# Exercise instructions:
Pictures aside, quote the whole listing exactly.

# Material for the task:
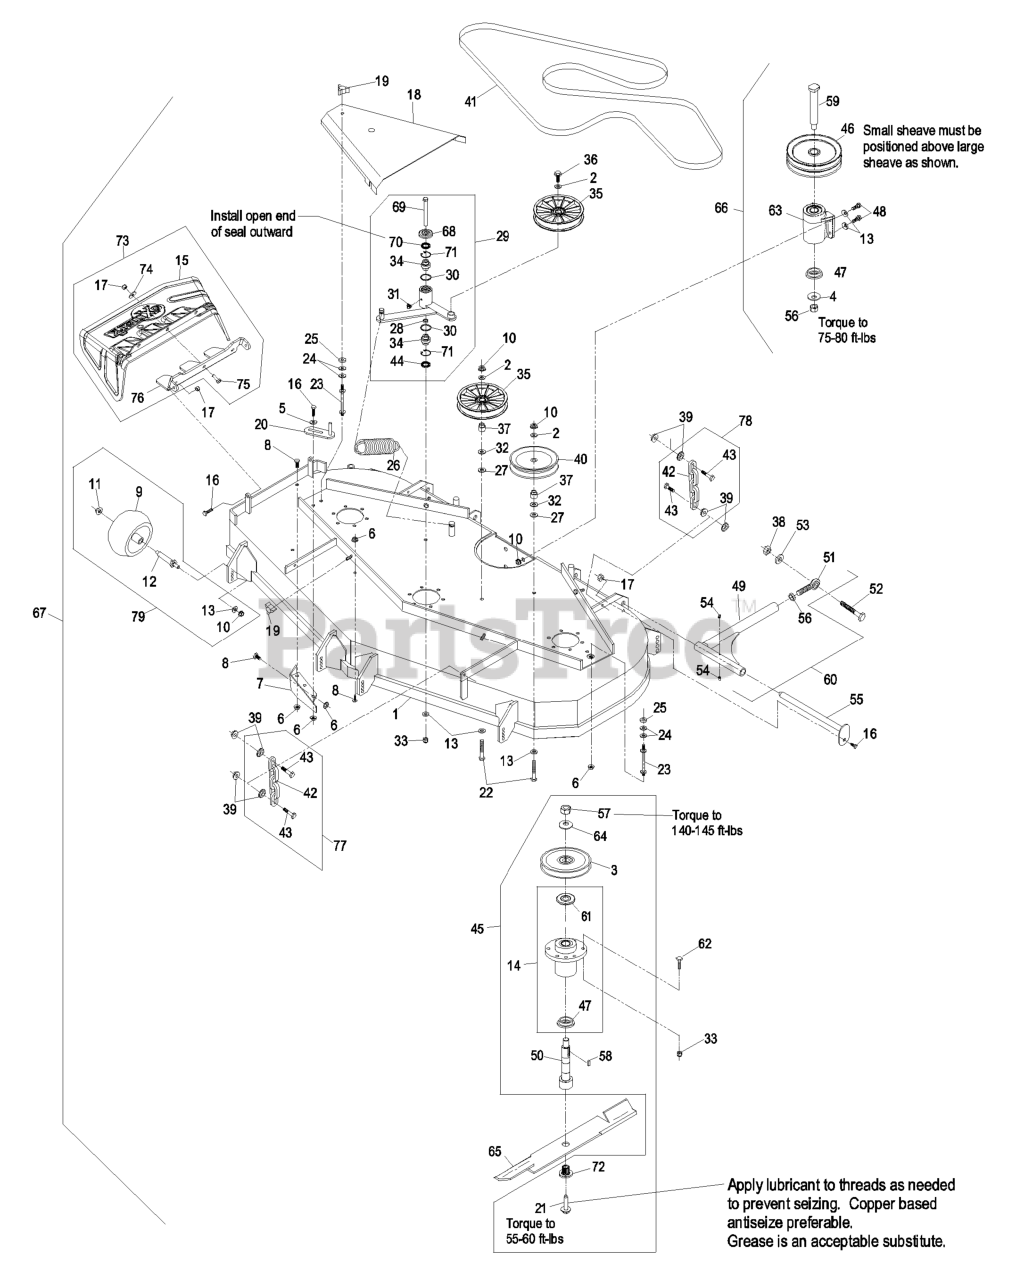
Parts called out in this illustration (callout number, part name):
1	ASM,DECK W/DECALS LZ524
2	WASHER-FLAT
3	SHEAVE,BLADE DRIVE 6.30
4	WASHER-SPRING
5	WASHER-SPRING
7	WLD,BAFFLE DISCHARGE
8	SCREW-HH
9	ROLLER-SCALP, ANTI
10	NUT-HHF, WHIZ
11	Nut-Nyloc 3/8-16 Flg
13	WASHER-BELLEVILLE
14	KIT, CUTTER HOUSING
15	CHUTE,DISCHARGE
16	SCREW-HH
17	NUT-LOCK, NI
18	SHIELD,BELT 52
19	KNOB-3 PRONG
20	GUIDE-BELT
22	BOLT-CARR
23	STUD-SHIELD, BELT (SHORT)
24	WASHER-FLAT
29	KIT,DECK IDLER LZ/XP
31	FITTING-GREASE, 90 DEG
32	WASHER-FLAT
33	NUT-LOCK, NI
34	BEARING-SPHERICAL
35	PULLEY,IDLER 6"
36	SCREW-HHF
37	BUSHING-IDLER
38	NUT-HEX
40	PULLEY-IDLER
41	BELT,BLADE DRIVE 52
42	CHAIN-LIFT, DECK
43	SCREW-HH
44	SEAL-LIP, DOUBLE
45	ASM, CUTTER HSG COMPLETE
46	SHEAVE,JACKSHAFT - DBL
47	SPACER-GUARD, BOTTOM
48	SCREW-HH
49	STRUT-DECK
50	KIT, SPLINED SPINDLE 103-
51	BALLJOINT-SPHERICAL
52	SCREW-HH
53	WASHER-LOCK
54	FITTING-GREASE
55	PIN-STRUT
56	NUT-HEX
59	JACKSHAFT
60	STRUT ASM
61	GUARD-BEARING, TOP
62	SCREW-HH
63	KIT, JACKSHAFT ASSY
66	KIT,JACKSHAFT 52-3750
67	Asm, Deck Complete
68	GUARD-TOP
69	SCREW-HH
70	SEAL-LIP, SINGLE
71	RING-SNAP
72	BUSHING,SPLINED
74	WASHER-FLAT
75	SCREW-CARR
76	BRACKET,DISCHARGE CHUTE
77	DECK CHAIN ASM
78	DECK CHAIN ASM

# Your solution:
Parts called out in this illustration (callout number, part name):
1	ASM,DECK W/DECALS LZ524
2	WASHER-FLAT
3	SHEAVE,BLADE DRIVE 6.30
4	WASHER-SPRING
5	WASHER-SPRING
7	WLD,BAFFLE DISCHARGE
8	SCREW-HH
9	ROLLER-SCALP, ANTI
10	NUT-HHF, WHIZ
11	Nut-Nyloc 3/8-16 Flg
13	WASHER-BELLEVILLE
14	KIT, CUTTER HOUSING
15	CHUTE,DISCHARGE
16	SCREW-HH
17	NUT-LOCK, NI
18	SHIELD,BELT 52
19	KNOB-3 PRONG
20	GUIDE-BELT
22	BOLT-CARR
23	STUD-SHIELD, BELT (SHORT)
24	WASHER-FLAT
29	KIT,DECK IDLER LZ/XP
31	FITTING-GREASE, 90 DEG
32	WASHER-FLAT
33	NUT-LOCK, NI
34	BEARING-SPHERICAL
35	PULLEY,IDLER 6"
36	SCREW-HHF
37	BUSHING-IDLER
38	NUT-HEX
40	PULLEY-IDLER
41	BELT,BLADE DRIVE 52
42	CHAIN-LIFT, DECK
43	SCREW-HH
44	SEAL-LIP, DOUBLE
45	ASM, CUTTER HSG COMPLETE
46	SHEAVE,JACKSHAFT - DBL
47	SPACER-GUARD, BOTTOM
48	SCREW-HH
49	STRUT-DECK
50	KIT, SPLINED SPINDLE 103-
51	BALLJOINT-SPHERICAL
52	SCREW-HH
53	WASHER-LOCK
54	FITTING-GREASE
55	PIN-STRUT
56	NUT-HEX
59	JACKSHAFT
60	STRUT ASM
61	GUARD-BEARING, TOP
62	SCREW-HH
63	KIT, JACKSHAFT ASSY
66	KIT,JACKSHAFT 52-3750
67	Asm, Deck Complete
68	GUARD-TOP
69	SCREW-HH
70	SEAL-LIP, SINGLE
71	RING-SNAP
72	BUSHING,SPLINED
74	WASHER-FLAT
75	SCREW-CARR
76	BRACKET,DISCHARGE CHUTE
77	DECK CHAIN ASM
78	DECK CHAIN ASM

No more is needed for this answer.